Expositions virtuelles > Journaux des tranchées (2015)
Rigolboche
Un titre amusant, expressif et sonore
Rigolboche commence à paraître en février 1915 et publiera, tous les 10 jours environ, 106 numéros jusqu'en mars 1918. Il a toujours été imprimé sur le front de façon artisanale (texte manuscrit ronéotypé). Le nombre de pages selon les numéros - et le temps dont disposaient les rédacteurs - varie de 4 à 8 ; des numéros spéciaux (pour Noël, pour les marraines…) ont jusqu'à 20 pages.

Le poilu qui lui a donné son titre se souvenait-il de la danseuse Amélie Marguerite Badel qui, sous ce surnom, fit les beaux jours du cancan à Paris sous le Second Empire ? A l'époque, -boche n'était encore qu'un suffixe argotique. André Charpentier dans son ouvrage de référence Feuilles bleu horizon en souligne la sonorité : "Rigolboche !... Titre qui ne s’explique pas, mais se saisit ; un poilu gavroche le lança un jour dans la tranchée, et comme il dut provoquer le rire, il fut adopté. Il est amusant, expressif, sonore."

Une lettre que la rédaction envoya à Anatole France pour accompagner un numéro du journal résume bien son esprit, qui est celui des journaux de tranchées : "Permettez à la direction du Rigolboche de vous envoyer un numéro d’un journal composé dans la tranchée de l’Argonne et imprimé pendant les jours de repos avec les moyens rudimentaires dont nous pouvons disposer. Il n’a d’autre but que de faire oublier quelques instants aux poilus leurs fatigues, et c’est pour cela qu’il faut excuser les licences poétiques qui s’y trouvent, causées souvent par la chute des marmites..."

Journal de la 20e brigade de la 10e division d'infanterie, il revendique "le plus fort tirage du front entier" ; il était surtout remarquablement illustré par ses animateurs, notamment Pierre-Jean Poitevin (1889-1933), peintre et dessinateur de presse au Petit Parisien ou à L'Illustration ; Poitevin, qui a commencé son service militaire de 3 ans en 1912, enchaînera avec 4 ans de guerre : il restera simple soldat et refusera de monter en grade.

Pourvu qu’ils tiennent
La couverture de ce numéro est directement inspirée d’un dessin de Jean-Louis Forain, célèbre illustrateur de presse, comme l’indique la dédicace de l’auteur Serge Avise « à Forain ». A l’origine d’une véritable polémique, Forain a en effet fait paraître dans l’hebdomadaire parisien L’Opinion, le 9 janvier 1915, un dessin représentant deux poilus dans une tranchée avec la légende : « Pourvu qu’ils tiennent – Qui ça – Les civils».

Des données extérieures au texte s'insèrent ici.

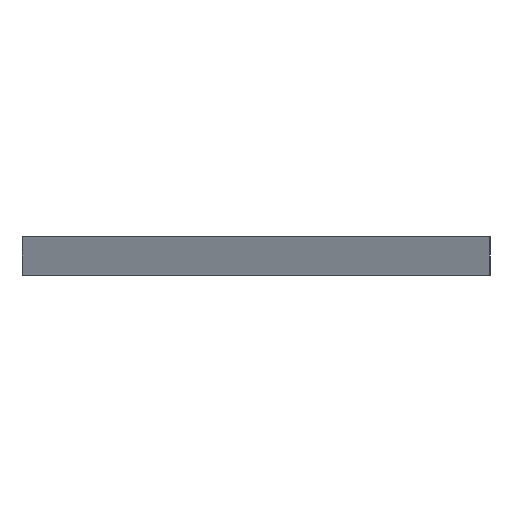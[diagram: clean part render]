
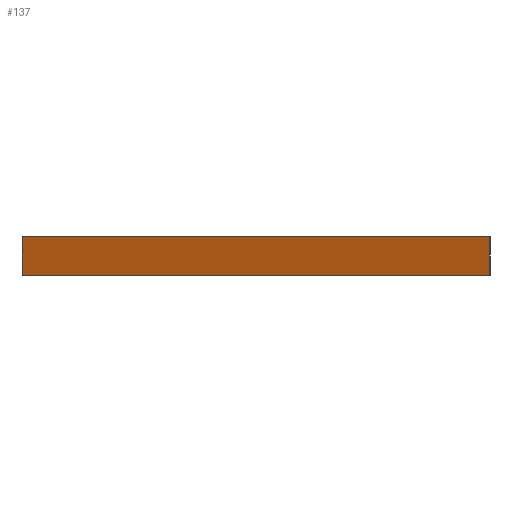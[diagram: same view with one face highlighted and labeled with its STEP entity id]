
A CAD part, left-side view. The second image highlights one B-rep face of the part: STEP entity #137.
In plain terms, the highlighted planar face has unit normal (-0.944, 0, -0.331).
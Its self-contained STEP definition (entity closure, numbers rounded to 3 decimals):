
#137=ADVANCED_FACE('',(#316),#317,.T.);
#316=FACE_OUTER_BOUND('',#509,.T.);
#317=PLANE('',#510);
#509=EDGE_LOOP('',(#1132,#1133,#1134,#1135));
#510=AXIS2_PLACEMENT_3D('',#1136,#1137,#1138);
#1132=ORIENTED_EDGE('',*,*,#1549,.T.);
#1133=ORIENTED_EDGE('',*,*,#1550,.F.);
#1134=ORIENTED_EDGE('',*,*,#1548,.T.);
#1135=ORIENTED_EDGE('',*,*,#1551,.T.);
#1136=CARTESIAN_POINT('',(-0.35,-60.0,0.));
#1137=DIRECTION('',(-0.944,0.,-0.331));
#1138=DIRECTION('',(0.,1.0,0.));
#1548=EDGE_CURVE('',#1951,#1955,#1957,.T.);
#1549=EDGE_CURVE('',#1958,#1959,#1960,.T.);
#1550=EDGE_CURVE('',#1951,#1959,#1961,.T.);
#1551=EDGE_CURVE('',#1955,#1958,#1962,.T.);
#1951=VERTEX_POINT('',#2571);
#1955=VERTEX_POINT('',#2577);
#1957=LINE('',#2580,#2581);
#1958=VERTEX_POINT('',#2582);
#1959=VERTEX_POINT('',#2583);
#1960=LINE('',#2584,#2585);
#1961=LINE('',#2586,#2587);
#1962=LINE('',#2588,#2589);
#2571=CARTESIAN_POINT('',(3.152,-60.0,-10.));
#2577=CARTESIAN_POINT('',(-0.35,-60.0,0.));
#2580=CARTESIAN_POINT('',(3.152,-60.0,-10.));
#2581=VECTOR('',#2908,1.0);
#2582=CARTESIAN_POINT('',(-0.35,60.0,0.));
#2583=CARTESIAN_POINT('',(3.152,60.0,-10.));
#2584=CARTESIAN_POINT('',(3.152,60.0,-10.));
#2585=VECTOR('',#2909,1.0);
#2586=CARTESIAN_POINT('',(3.152,-60.0,-10.));
#2587=VECTOR('',#2910,0.1);
#2588=CARTESIAN_POINT('',(-0.35,-60.0,0.));
#2589=VECTOR('',#2911,0.1);
#2908=DIRECTION('',(-0.331,0.,0.944));
#2909=DIRECTION('',(0.331,0.,-0.944));
#2910=DIRECTION('',(0.,1.0,0.));
#2911=DIRECTION('',(0.,1.0,0.));

Ce dessin est ressenti par les civils comme une mise en doute de leur détermination dans la guerre et déclenche de nombreuses réactions enflammées. Parmi celles-ci, une chanson intitulée « Ohé ! m’sieur Forain ! » est créée sur une musique d’Aristide Bruant et reprise par les plus grandes vedettes parisiennes du café-concert, dont le comique troupier Polin.
L’incompréhension
Dès lors, cette formule « Pourvu qu’ils tiennent » revient de façon récurrente dans les journaux de tranchées pour ironiser sur les conditions de vie des civils en regard de celles du front. Mais elle témoigne parfois, comme ici dans le n°29 de Rigolboche, de l’inquiétude des poilus quant à leur retour dans la vie civile et parmi les leurs.
La posture du poilu envers ceux qui ne sont pas, comme lui, sur le front est ambivalente, partagée entre la détestation de « l’arrière » en général, et la nostalgie des proches et de sa vie d’avant-guerre en particulier.